# Magiestoff <_<



## Dark Guardian (18. Dezember 2007)

Kurze knappe Frage:

Wo farme ich am besten Magiestoff?

Seid Ewigkeiten hangel ich mich mühsam von einem Skillpunkt zum nächsten weil ich so gut wie keinen Magiestoff finde <_< Wenn das so weiter geht ist meine Verzauberkunst bald höher als Schneiderei (dabei liefert mir eigentlich die Schneiderei die Mats <_<).


----------



## Dagonzo (18. Dezember 2007)

Kurze und knappe Antwort!
Wie wäre es damit:
http://wow.buffed.de/?i=4338
Die Suchfunktion auf Buffed.de kann eigentlich jeder leicht bedienen. Man muss sich nur mal die Mühe machen und nicht immer andere für sich suchen lassen.


----------



## ShaPhan (18. Dezember 2007)

Kurz knapp,

lass Dich durch Zul`Farak ziehen. 
Da bekommst ca 60 Magiestoff.


----------



## ZeeU-Shadow-Baelgun (18. Dezember 2007)

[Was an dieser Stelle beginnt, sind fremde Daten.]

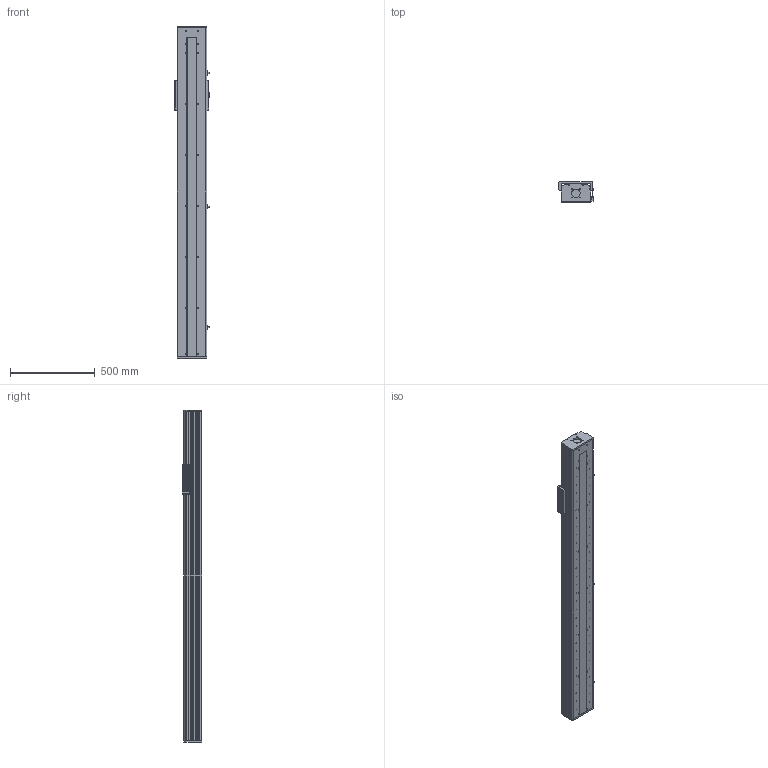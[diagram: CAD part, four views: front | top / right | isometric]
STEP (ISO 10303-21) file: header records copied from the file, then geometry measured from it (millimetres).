
FILE_DESCRIPTION (( 'STEP AP203' ), '1' );
FILE_NAME ('CF175B-C-1600-FW.STEP', '2020-07-15T02:00:15', ( 'Micorosoft' ), ( 'Micorosoft' ), 'SwSTEP 2.0', 'SolidWorks 2016', '' );
FILE_SCHEMA (( 'CONFIG_CONTROL_DESIGN' ));
Length unit declared in the file: millimetre
Products named in the file (12): 175B裔啣-1600; 175B臏倰第-1600; EGR20絳寢-1600; CF175-2賑雄啣; 75-86-95癹弇羲壽覜茼え; CF-EGH20CA賑輸; 175-2耜啣; 175B珨极嘐隅釱; 175-2盓傅釱; 嫖萇羲壽; CF175-2蹟譫釱; CF175B-C-1600-FW
Assembly tree (17 placements, depth 2):
  CF175B-C-1600-FW
    175-2耜啣
    175-2盓傅釱
    CF175-2蹟譫釱
    175B裔啣-1600
    175B臏倰第-1600
    EGR20絳寢-1600  x2
    CF175-2賑雄啣
    75-86-95癹弇羲壽覜茼え
    CF-EGH20CA賑輸  x4
    175B珨极嘐隅釱
    嫖萇羲壽  x3
Bounding box: 201.1 x 116.8 x 1955 mm (x, y, z)
Volume: 13267041.5 mm3; surface area: 3643263.7 mm2
Topology: 23 solids, 23 shells, 1678 faces, 4287 edges, 2848 vertices
Faces by surface type: cylinder 871, plane 801, cone 4, bspline 2
Entity records: 39733 total; most frequent: DIRECTION 6984, CARTESIAN_POINT 6680, ORIENTED_EDGE 6274, EDGE_CURVE 3137, AXIS2_PLACEMENT_3D 2628, VERTEX_POINT 2084, LINE 1728, VECTOR 1728

Tanaris -> Piratenbucht die Piraten umhaun


----------



## Dark Guardian (18. Dezember 2007)

Fein, danke ^^


----------



## Tikume (18. Dezember 2007)

Ich bevorzuge die Oger in Tanaris.


----------



## Eredon (18. Dezember 2007)

Wie Tikume schon sagte, die Oger. Wenn das Lager überfarmt sein sollte, weiche einfach auf die Süd- und Ostmondruinen (glaube so nenen sie sich) aus. Da stehen auch sehr viele rum.

Alternativ kannst du auch gut das Piratennest farmen, die haben bei mir auch recht brauchbare Dropraten.


----------



## Sinixus (20. Dezember 2007)

Feralas, nähe Horde stehen da so Gnolle rum. Hatte dort 2 Tage wo einiges an Magiestoff ging. 100/Std.
Dafür war der dritte Tag eher grausam und ich wurde mit grad mal 30 Stk. abgefertigt.


----------



## Dupree (17. Januar 2008)

als ally kannste auch im verwüsteten lande die horden stadt plattmachen. bekomm da pro durchlauf min 40 magiestoff und bracuh dafür keine 5min


----------



## Cryto (6. März 2012)

_Kurz und knapp, lohnt es sich am meisten in Zul'Farrak Magiestoff zu farmen.

-ich habe in einem Durchlauf genau 147 Magiestoffe erhalten, das waren bei mir 40 minuten.
-(für Schneider/VZ - es werden auch genug grüne und blaue Gegenstände fallen gelassen die sich perfekt zum Entzaubern           eignen!)

mfG Matze_


----------



## Tikume (6. März 2012)

Mal abgesehn davon dass Du hier einen 4 Jahre alten Thread ausgegraben hast will ich sehen wie Du Zul'Farrak auf dem entsprechenden Level solost


----------